Always look up trouble codes; on the ross tech wiki, which can give you vw specific info, generic obd II codes definitions won't: 

http://wiki.ross-tech.com/wiki/index.php/16395/P0011/000017

http://wiki.ross-tech.com/wiki/index.php/16396/P0012/000018

http://wiki.ross-tech.com/wiki/index.php/16726/P0342/000834

The cam chain tensioner; is run on oil pressure and low oil pressure, is a common issue, as these 1.8T's get older. The oil pick up, can get clogged up with carbon debris, sludge; correct vw spec oil and change interval is crucial on these engines. Eventually, the oil pickup screen can get clogged and this oil goes; to the cam chain tensioner, the small oil galley can get clogged and there is a small screen, going to the tensioner, that can get clogged as well. So, read the definitions; check oil pressure, timing marks and eventually, the timing chain tensioner/guides, wear out, causing a loose chain, noisy top end in the drivers side area of the valve cover. Worst case scenario, eventually; the chain/tensioner, can cause a catastrophic failure and bend the valves in the head. SO, checking oil pressure, clogged screen in the pickup, checking for abnormal chain tensioner noise/wear, chain looseness, buffers for wear, timing belt teeth worn off, timing marks being off, etc.; ultimately, could save your engine. 

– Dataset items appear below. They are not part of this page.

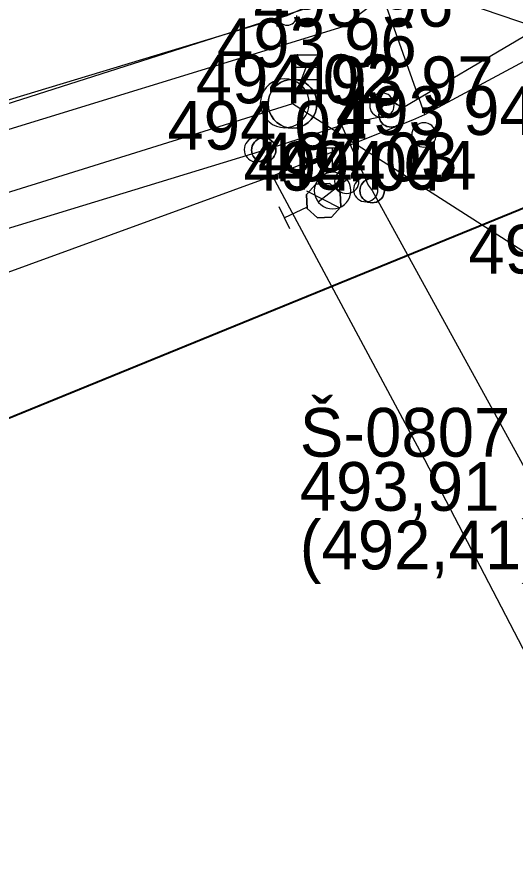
# Model space of a CAD drawing. Extents: x -695326 to -694942, y -1122979 to -1122738.
# Drawn here: x -695088.22 to -695078.02, y -1122949.89 to -1122932.52 of the extents above; entities that cross this region are included whole.
import ezdxf

# ---------------------------------------------------------------- set-up
doc = ezdxf.new("R2010")
doc.units = 0
for name, color, linetype in [('Level 26', 7, 'Continuous'), ('Level 29', 7, 'Continuous'), ('Level 30', 7, 'Continuous'), ('Level 31', 7, 'Continuous'), ('Level 35', 7, 'Continuous'), ('Level 36', 7, 'Continuous'), ('Level 38', 7, 'Continuous'), ('Level 42', 7, 'Continuous'), ('Level 44', 7, 'Continuous'), ('Level 48', 7, 'Continuous'), ('Level 51', 7, 'Continuous'), ('Level 53', 7, 'Continuous'), ('Rozhraní ploch', 7, 'Continuous')]:
    doc.layers.add(name, color=color, linetype=linetype)

msp = doc.modelspace()

# ---------------------------------------------------------------- linework, layer by layer
at = {"layer": 'Level 26'}
msp.add_lwpolyline([(-695082.89, -1122932.49), (-695082.887, -1122932.525), (-695082.878, -1122932.558), (-695082.863, -1122932.59), (-695082.843, -1122932.619), (-695082.819, -1122932.643), (-695082.79, -1122932.663), (-695082.758, -1122932.678), (-695082.725, -1122932.687), (-695082.69, -1122932.69), (-695082.655, -1122932.687), (-695082.622, -1122932.678), (-695082.59, -1122932.663), (-695082.561, -1122932.643), (-695082.537, -1122932.619), (-695082.517, -1122932.59), (-695082.502, -1122932.558), (-695082.493, -1122932.525), (-695082.49, -1122932.49)], dxfattribs=at)
at = {"layer": 'Level 29'}
for p, q in [((-695080.75, -1122934.33), (-695080.75, -1122934.33)), ((-695083.32, -1122935.24), (-695083.32, -1122935.24)), ((-695081.47, -1122935.89), (-695081.47, -1122935.89)), ((-695081.76, -1122936.08), (-695081.76, -1122936.08)), ((-695081.08, -1122936.06), (-695081.08, -1122936.06))]:
    msp.add_line(p, q, dxfattribs=at)
for points in [[(-695080.5, -1122934.33), (-695080.504, -1122934.287), (-695080.515, -1122934.244), (-695080.533, -1122934.205), (-695080.558, -1122934.169), (-695080.589, -1122934.138), (-695080.625, -1122934.113), (-695080.664, -1122934.095), (-695080.707, -1122934.084), (-695080.75, -1122934.08), (-695080.793, -1122934.084), (-695080.836, -1122934.095), (-695080.875, -1122934.113), (-695080.911, -1122934.138), (-695080.942, -1122934.169), (-695080.967, -1122934.205), (-695080.985, -1122934.244), (-695080.996, -1122934.287), (-695081, -1122934.33), (-695080.996, -1122934.373), (-695080.985, -1122934.416), (-695080.967, -1122934.455), (-695080.942, -1122934.491), (-695080.911, -1122934.522), (-695080.875, -1122934.547), (-695080.836, -1122934.565), (-695080.793, -1122934.576), (-695080.75, -1122934.58), (-695080.707, -1122934.576), (-695080.664, -1122934.565), (-695080.625, -1122934.547), (-695080.589, -1122934.522), (-695080.558, -1122934.491), (-695080.533, -1122934.455), (-695080.515, -1122934.416), (-695080.504, -1122934.373), (-695080.5, -1122934.33)], [(-695083.07, -1122935.24), (-695083.074, -1122935.197), (-695083.085, -1122935.154), (-695083.103, -1122935.115), (-695083.128, -1122935.079), (-695083.159, -1122935.048), (-695083.195, -1122935.023), (-695083.234, -1122935.005), (-695083.277, -1122934.994), (-695083.32, -1122934.99), (-695083.363, -1122934.994), (-695083.406, -1122935.005), (-695083.445, -1122935.023), (-695083.481, -1122935.048), (-695083.512, -1122935.079), (-695083.537, -1122935.115), (-695083.555, -1122935.154), (-695083.566, -1122935.197), (-695083.57, -1122935.24), (-695083.566, -1122935.283), (-695083.555, -1122935.326), (-695083.537, -1122935.365), (-695083.512, -1122935.401), (-695083.481, -1122935.432), (-695083.445, -1122935.457), (-695083.406, -1122935.475), (-695083.363, -1122935.486), (-695083.32, -1122935.49), (-695083.277, -1122935.486), (-695083.234, -1122935.475), (-695083.195, -1122935.457), (-695083.159, -1122935.432), (-695083.128, -1122935.401), (-695083.103, -1122935.365), (-695083.085, -1122935.326), (-695083.074, -1122935.283), (-695083.07, -1122935.24)], [(-695082.01, -1122935.205), (-695081.51, -1122935.205)], [(-695081.76, -1122935.705), (-695081.76, -1122935.205)], [(-695081.22, -1122935.89), (-695081.224, -1122935.847), (-695081.235, -1122935.804), (-695081.253, -1122935.765), (-695081.278, -1122935.729), (-695081.309, -1122935.698), (-695081.345, -1122935.673), (-695081.384, -1122935.655), (-695081.427, -1122935.644), (-695081.47, -1122935.64), (-695081.513, -1122935.644), (-695081.556, -1122935.655), (-695081.595, -1122935.673), (-695081.631, -1122935.698), (-695081.662, -1122935.729), (-695081.687, -1122935.765), (-695081.705, -1122935.804), (-695081.716, -1122935.847), (-695081.72, -1122935.89), (-695081.716, -1122935.933), (-695081.705, -1122935.976), (-695081.687, -1122936.015), (-695081.662, -1122936.051), (-695081.631, -1122936.082), (-695081.595, -1122936.107), (-695081.556, -1122936.125), (-695081.513, -1122936.136), (-695081.47, -1122936.14), (-695081.427, -1122936.136), (-695081.384, -1122936.125), (-695081.345, -1122936.107), (-695081.309, -1122936.082), (-695081.278, -1122936.051), (-695081.253, -1122936.015), (-695081.235, -1122935.976), (-695081.224, -1122935.933), (-695081.22, -1122935.89)], [(-695081.385, -1122936.08), (-695081.391, -1122936.015), (-695081.408, -1122935.952), (-695081.435, -1122935.892), (-695081.473, -1122935.839), (-695081.519, -1122935.793), (-695081.572, -1122935.755), (-695081.632, -1122935.728), (-695081.695, -1122935.711), (-695081.76, -1122935.705), (-695081.825, -1122935.711), (-695081.888, -1122935.728), (-695081.947, -1122935.755), (-695082.001, -1122935.793), (-695082.047, -1122935.839), (-695082.085, -1122935.892), (-695082.112, -1122935.952), (-695082.129, -1122936.015), (-695082.135, -1122936.08), (-695082.129, -1122936.145), (-695082.112, -1122936.208), (-695082.085, -1122936.267), (-695082.047, -1122936.321), (-695082.001, -1122936.367), (-695081.947, -1122936.405), (-695081.888, -1122936.432), (-695081.825, -1122936.449), (-695081.76, -1122936.455), (-695081.695, -1122936.449), (-695081.632, -1122936.432), (-695081.572, -1122936.405), (-695081.519, -1122936.367), (-695081.473, -1122936.321), (-695081.435, -1122936.267), (-695081.408, -1122936.208), (-695081.391, -1122936.145), (-695081.385, -1122936.08)], [(-695080.83, -1122936.06), (-695080.834, -1122936.017), (-695080.845, -1122935.974), (-695080.863, -1122935.935), (-695080.888, -1122935.899), (-695080.919, -1122935.868), (-695080.955, -1122935.843), (-695080.994, -1122935.825), (-695081.037, -1122935.814), (-695081.08, -1122935.81), (-695081.123, -1122935.814), (-695081.166, -1122935.825), (-695081.205, -1122935.843), (-695081.241, -1122935.868), (-695081.272, -1122935.899), (-695081.297, -1122935.935), (-695081.315, -1122935.974), (-695081.326, -1122936.017), (-695081.33, -1122936.06), (-695081.326, -1122936.103), (-695081.315, -1122936.146), (-695081.297, -1122936.185), (-695081.272, -1122936.221), (-695081.241, -1122936.252), (-695081.205, -1122936.277), (-695081.166, -1122936.295), (-695081.123, -1122936.306), (-695081.08, -1122936.31), (-695081.037, -1122936.306), (-695080.994, -1122936.295), (-695080.955, -1122936.277), (-695080.919, -1122936.252), (-695080.888, -1122936.221), (-695080.863, -1122936.185), (-695080.845, -1122936.146), (-695080.834, -1122936.103), (-695080.83, -1122936.06)], [(-695082.054, -1122936.311), (-695081.464, -1122935.848)]]:
    msp.add_lwpolyline(points, dxfattribs=at)
at = {"layer": 'Level 30'}
for p, q in [((-695082.3, -1122933.55), (-695082.3, -1122933.55)), ((-695082.74, -1122934.29), (-695082.74, -1122934.29))]:
    msp.add_line(p, q, dxfattribs=at)
for points in [[(-695082.55, -1122933.801), (-695082.05, -1122933.801), (-695082.05, -1122933.3), (-695082.55, -1122933.3), (-695082.55, -1122933.801)], [(-695082.55, -1122933.55), (-695082.05, -1122933.55)], [(-695082.24, -1122934.29), (-695082.248, -1122934.203), (-695082.27, -1122934.119), (-695082.307, -1122934.04), (-695082.357, -1122933.969), (-695082.419, -1122933.907), (-695082.49, -1122933.857), (-695082.569, -1122933.82), (-695082.653, -1122933.798), (-695082.74, -1122933.79), (-695082.827, -1122933.798), (-695082.911, -1122933.82), (-695082.99, -1122933.857), (-695083.061, -1122933.907), (-695083.123, -1122933.969), (-695083.173, -1122934.04), (-695083.21, -1122934.119), (-695083.232, -1122934.203), (-695083.24, -1122934.29), (-695083.232, -1122934.377), (-695083.21, -1122934.461), (-695083.173, -1122934.54), (-695083.123, -1122934.611), (-695083.061, -1122934.673), (-695082.99, -1122934.723), (-695082.911, -1122934.76), (-695082.827, -1122934.782), (-695082.74, -1122934.79), (-695082.653, -1122934.782), (-695082.569, -1122934.76), (-695082.49, -1122934.723), (-695082.419, -1122934.673), (-695082.357, -1122934.611), (-695082.307, -1122934.54), (-695082.27, -1122934.461), (-695082.248, -1122934.377), (-695082.24, -1122934.29)]]:
    msp.add_lwpolyline(points, dxfattribs=at)
at = {"layer": 'Level 31'}
msp.add_line((-695079.89, -1122934.94), (-695079.89, -1122934.94), dxfattribs=at)
msp.add_lwpolyline([(-695079.64, -1122934.94), (-695079.644, -1122934.897), (-695079.655, -1122934.854), (-695079.673, -1122934.815), (-695079.698, -1122934.779), (-695079.729, -1122934.748), (-695079.765, -1122934.723), (-695079.804, -1122934.705), (-695079.847, -1122934.694), (-695079.89, -1122934.69), (-695079.933, -1122934.694), (-695079.976, -1122934.705), (-695080.015, -1122934.723), (-695080.051, -1122934.748), (-695080.082, -1122934.779), (-695080.107, -1122934.815), (-695080.125, -1122934.854), (-695080.136, -1122934.897), (-695080.14, -1122934.94), (-695080.136, -1122934.983), (-695080.125, -1122935.026), (-695080.107, -1122935.065), (-695080.082, -1122935.101), (-695080.051, -1122935.132), (-695080.015, -1122935.157), (-695079.976, -1122935.175), (-695079.933, -1122935.186), (-695079.89, -1122935.19), (-695079.847, -1122935.186), (-695079.804, -1122935.175), (-695079.765, -1122935.157), (-695079.729, -1122935.132), (-695079.698, -1122935.101), (-695079.673, -1122935.065), (-695079.655, -1122935.026), (-695079.644, -1122934.983), (-695079.64, -1122934.94)], dxfattribs=at)
at = {"layer": 'Level 35'}
msp.add_line((-695082.58, -1122934.3), (-695082.3, -1122933.55), dxfattribs=at)
for points in [[(-695122.183, -1122978.845), (-695130.45, -1122957.93), (-695095.39, -1122943.61), (-695072.77, -1122934.37), (-695099.42, -1122862.69)], [(-695131.247, -1122978.864), (-695132.65, -1122975.94), (-695157.61, -1122969.63), (-695140.47, -1122958.8), (-695136.63, -1122948.53), (-695119.01, -1122943.49), (-695100.79, -1122937.97), (-695082.69, -1122932.49), (-695067.48, -1122925.68), (-695054.28, -1122919.15), (-695039.04, -1122911.54), (-695024.78, -1122904.45), (-695010.56, -1122897.35), (-694996.02, -1122890.13), (-694983.12, -1122883.66), (-694965.65, -1122874.99), (-694952.69, -1122868.61), (-694948.627, -1122866.586)]]:
    msp.add_lwpolyline(points, dxfattribs=at)
at = {"layer": 'Level 36'}
for p, q in [((-695076.08, -1122931.88), (-695080.56, -1122934.53)), ((-695080.56, -1122934.53), (-695081.58, -1122934.74)), ((-695082.99, -1122935.78), (-695080.12, -1122934.63))]:
    msp.add_line(p, q, dxfattribs=at)
for points in [[(-695080.12, -1122934.63), (-695079.87, -1122934.52), (-695067.92, -1122928.09), (-695061.28, -1122924.38), (-695055.24, -1122920.99), (-695043.92, -1122915.38), (-695041.46, -1122911.18), (-695031.8, -1122906.42), (-695019.5, -1122900.12), (-695018.26, -1122899.49), (-695013.65, -1122897.25), (-695010.42, -1122895.62), (-694999.32, -1122890.29), (-694992.82, -1122887.05), (-694976.036, -1122879.197)], [(-695080.48, -1122922.5), (-695080.09, -1122922.37), (-695078.02, -1122927.55), (-695078.08, -1122929.81), (-695080.4, -1122930.84), (-695080.06, -1122931.88), (-695072.77, -1122934.37)], [(-695079.87, -1122934.52), (-695081.2, -1122930.76), (-695081.62, -1122930.91)], [(-695083.17, -1122935.25), (-695081.781, -1122934.805), (-695081.58, -1122934.74)], [(-695081.58, -1122934.74), (-695081.03, -1122935.97), (-695080.95, -1122936.08)], [(-695134.34, -1122973.03), (-695133.962, -1122972.86), (-695138.962, -1122954.566), (-695138.77, -1122954.48), (-695126.25, -1122948.73), (-695098.58, -1122939.97), (-695083.17, -1122935.25)], [(-695134.55, -1122961.53), (-695132.51, -1122957.25), (-695132.03, -1122956.26), (-695129.88, -1122955.26), (-695122.6, -1122951.79), (-695118.68, -1122949.8), (-695111.26, -1122946.33), (-695098.73, -1122941.53), (-695092.08, -1122939.09), (-695082.99, -1122935.78)], [(-695060.508, -1122978.714), (-695066.08, -1122968.01), (-695069.94, -1122960.81), (-695074.02, -1122952.86), (-695079.87, -1122941.6), (-695082.99, -1122935.78)], [(-695080.95, -1122936.08), (-695066.03, -1122963.27), (-695064.437, -1122966.165)]]:
    msp.add_lwpolyline(points, dxfattribs=at)
at = {"layer": 'Level 38'}
msp.add_line((-695077.1, -1122937.81), (-695082.58, -1122934.3), dxfattribs=at)
msp.add_lwpolyline([(-695082.58, -1122934.3), (-695132.114, -1122949.771), (-695137.17, -1122949.78)], dxfattribs=at)
at = {"layer": 'Level 42'}
msp.add_line((-695072.77, -1122934.36), (-695130.4, -1122957.89), dxfattribs=at)
at = {"layer": 'Level 44'}
for p, q in [((-695082.58, -1122934.3), (-695082.58, -1122934.3)), ((-695080.56, -1122934.53), (-695080.56, -1122934.53)), ((-695083.17, -1122935.25), (-695083.17, -1122935.25)), ((-695081.62, -1122936.12), (-695081.62, -1122936.12)), ((-695080.95, -1122936.08), (-695080.95, -1122936.08))]:
    msp.add_line(p, q, dxfattribs=at)
for points in [[(-695082.08, -1122934.3), (-695082.088, -1122934.213), (-695082.11, -1122934.129), (-695082.147, -1122934.05), (-695082.197, -1122933.979), (-695082.259, -1122933.917), (-695082.33, -1122933.867), (-695082.409, -1122933.83), (-695082.493, -1122933.808), (-695082.58, -1122933.8), (-695082.667, -1122933.808), (-695082.751, -1122933.83), (-695082.83, -1122933.867), (-695082.901, -1122933.917), (-695082.963, -1122933.979), (-695083.013, -1122934.05), (-695083.05, -1122934.129), (-695083.072, -1122934.213), (-695083.08, -1122934.3), (-695083.072, -1122934.387), (-695083.05, -1122934.471), (-695083.013, -1122934.55), (-695082.963, -1122934.621), (-695082.901, -1122934.683), (-695082.83, -1122934.733), (-695082.751, -1122934.77), (-695082.667, -1122934.792), (-695082.58, -1122934.8), (-695082.493, -1122934.792), (-695082.409, -1122934.77), (-695082.33, -1122934.733), (-695082.259, -1122934.683), (-695082.197, -1122934.621), (-695082.147, -1122934.55), (-695082.11, -1122934.471), (-695082.088, -1122934.387), (-695082.08, -1122934.3)], [(-695080.31, -1122934.53), (-695080.314, -1122934.487), (-695080.325, -1122934.444), (-695080.343, -1122934.405), (-695080.368, -1122934.369), (-695080.399, -1122934.338), (-695080.435, -1122934.313), (-695080.474, -1122934.295), (-695080.517, -1122934.284), (-695080.56, -1122934.28), (-695080.603, -1122934.284), (-695080.646, -1122934.295), (-695080.685, -1122934.313), (-695080.721, -1122934.338), (-695080.752, -1122934.369), (-695080.777, -1122934.405), (-695080.795, -1122934.444), (-695080.806, -1122934.487), (-695080.81, -1122934.53), (-695080.806, -1122934.573), (-695080.795, -1122934.616), (-695080.777, -1122934.655), (-695080.752, -1122934.691), (-695080.721, -1122934.722), (-695080.685, -1122934.747), (-695080.646, -1122934.765), (-695080.603, -1122934.776), (-695080.56, -1122934.78), (-695080.517, -1122934.776), (-695080.474, -1122934.765), (-695080.435, -1122934.747), (-695080.399, -1122934.722), (-695080.368, -1122934.691), (-695080.343, -1122934.655), (-695080.325, -1122934.616), (-695080.314, -1122934.573), (-695080.31, -1122934.53)], [(-695082.92, -1122935.25), (-695082.924, -1122935.207), (-695082.935, -1122935.164), (-695082.953, -1122935.125), (-695082.978, -1122935.089), (-695083.009, -1122935.058), (-695083.045, -1122935.033), (-695083.084, -1122935.015), (-695083.127, -1122935.004), (-695083.17, -1122935), (-695083.213, -1122935.004), (-695083.256, -1122935.015), (-695083.295, -1122935.033), (-695083.331, -1122935.058), (-695083.362, -1122935.089), (-695083.387, -1122935.125), (-695083.405, -1122935.164), (-695083.416, -1122935.207), (-695083.42, -1122935.25), (-695083.416, -1122935.293), (-695083.405, -1122935.336), (-695083.387, -1122935.375), (-695083.362, -1122935.411), (-695083.331, -1122935.442), (-695083.295, -1122935.467), (-695083.256, -1122935.485), (-695083.213, -1122935.496), (-695083.17, -1122935.5), (-695083.127, -1122935.496), (-695083.084, -1122935.485), (-695083.045, -1122935.467), (-695083.009, -1122935.442), (-695082.978, -1122935.411), (-695082.953, -1122935.375), (-695082.935, -1122935.336), (-695082.924, -1122935.293), (-695082.92, -1122935.25)], [(-695080.7, -1122936.08), (-695080.704, -1122936.037), (-695080.715, -1122935.994), (-695080.733, -1122935.955), (-695080.758, -1122935.919), (-695080.789, -1122935.888), (-695080.825, -1122935.863), (-695080.864, -1122935.845), (-695080.907, -1122935.834), (-695080.95, -1122935.83), (-695080.993, -1122935.834), (-695081.036, -1122935.845), (-695081.075, -1122935.863), (-695081.111, -1122935.888), (-695081.142, -1122935.919), (-695081.167, -1122935.955), (-695081.185, -1122935.994), (-695081.196, -1122936.037), (-695081.2, -1122936.08), (-695081.196, -1122936.123), (-695081.185, -1122936.166), (-695081.167, -1122936.205), (-695081.142, -1122936.241), (-695081.111, -1122936.272), (-695081.075, -1122936.297), (-695081.036, -1122936.315), (-695080.993, -1122936.326), (-695080.95, -1122936.33), (-695080.907, -1122936.326), (-695080.864, -1122936.315), (-695080.825, -1122936.297), (-695080.789, -1122936.272), (-695080.758, -1122936.241), (-695080.733, -1122936.205), (-695080.715, -1122936.166), (-695080.704, -1122936.123), (-695080.7, -1122936.08)], [(-695082.103, -1122935.947), (-695082.296, -1122936.159), (-695082.282, -1122936.446), (-695082.07, -1122936.639), (-695081.783, -1122936.625), (-695081.59, -1122936.413), (-695081.604, -1122936.126), (-695081.816, -1122935.933), (-695082.103, -1122935.947)], [(-695081.619, -1122936.431), (-695082.29, -1122936.095)], [(-695082.638, -1122936.863), (-695082.852, -1122936.411)], [(-695082.293, -1122936.424), (-695082.745, -1122936.637)]]:
    msp.add_lwpolyline(points, dxfattribs=at)
for points in [[(-695082.493, -1122934.792), (-695082.58, -1122934.8), (-695082.667, -1122934.792), (-695082.751, -1122934.77), (-695082.83, -1122934.733), (-695082.901, -1122934.683), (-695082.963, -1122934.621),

Here are lots of good videos; showing bad tensioners with loud noise and loose chain noise: 



https://www.youtube.com/results?search_query=1.8t+timing+chain+tensioner+noisy

If you have VCDS by Ross Tech; you can do output testing on the tensioner, that can tell you how far off the timing is and that could indicate a failure:

https://www.audizine.com/forum/showthread.php/513474-Block-93-cam-phase-position-question

replacement and testing info/videos: 

https://www.google.com/search?clien...j41j0i22i30j33i160j0j0i7i30j30i10.CTxpt8oaYWM


----------



## 1.8turdo (Aug 11, 2019)

billymade said:


> Always look up trouble codes; on the ross tech wiki, which can give you vw specific info, generic obd II codes definitions won't:
> 
> http://wiki.ross-tech.com/wiki/index.php/16395/P0011/000017
> 
> ...


Thanks, this is a way more comprehensive response than i've found anywhere else. I'll start with dropping the oil pan to clean the pick up, Is there any easy way to describe accessing the other pathways you mention? I'll be pulling the valve cover off to inspect the cam chain tensioner so i'll be looking for sludge generally while i'm in there but it would be helpful to know some key spots to locate. I've already got a new cam shaft position sensor so i'll install that, and I plan on replacing the tensioner. I got the car cheap and don't mind erring on the side of caution to have it in the best possible condition. 

I don't have a VCDS by ross tech. I might replace the position sensor and then try to get the car to run to check oil pressure. Just to get a basis on how involved the rest of the job will be.


----------



## billymade (Jan 29, 2008)

I would keep things simple; before tearing things apart, checking the oil pressure, is pretty straight forward and just requires the removal of the oil pressure sending unit (then, install the thread adapter, hose and then the pressure gauge). 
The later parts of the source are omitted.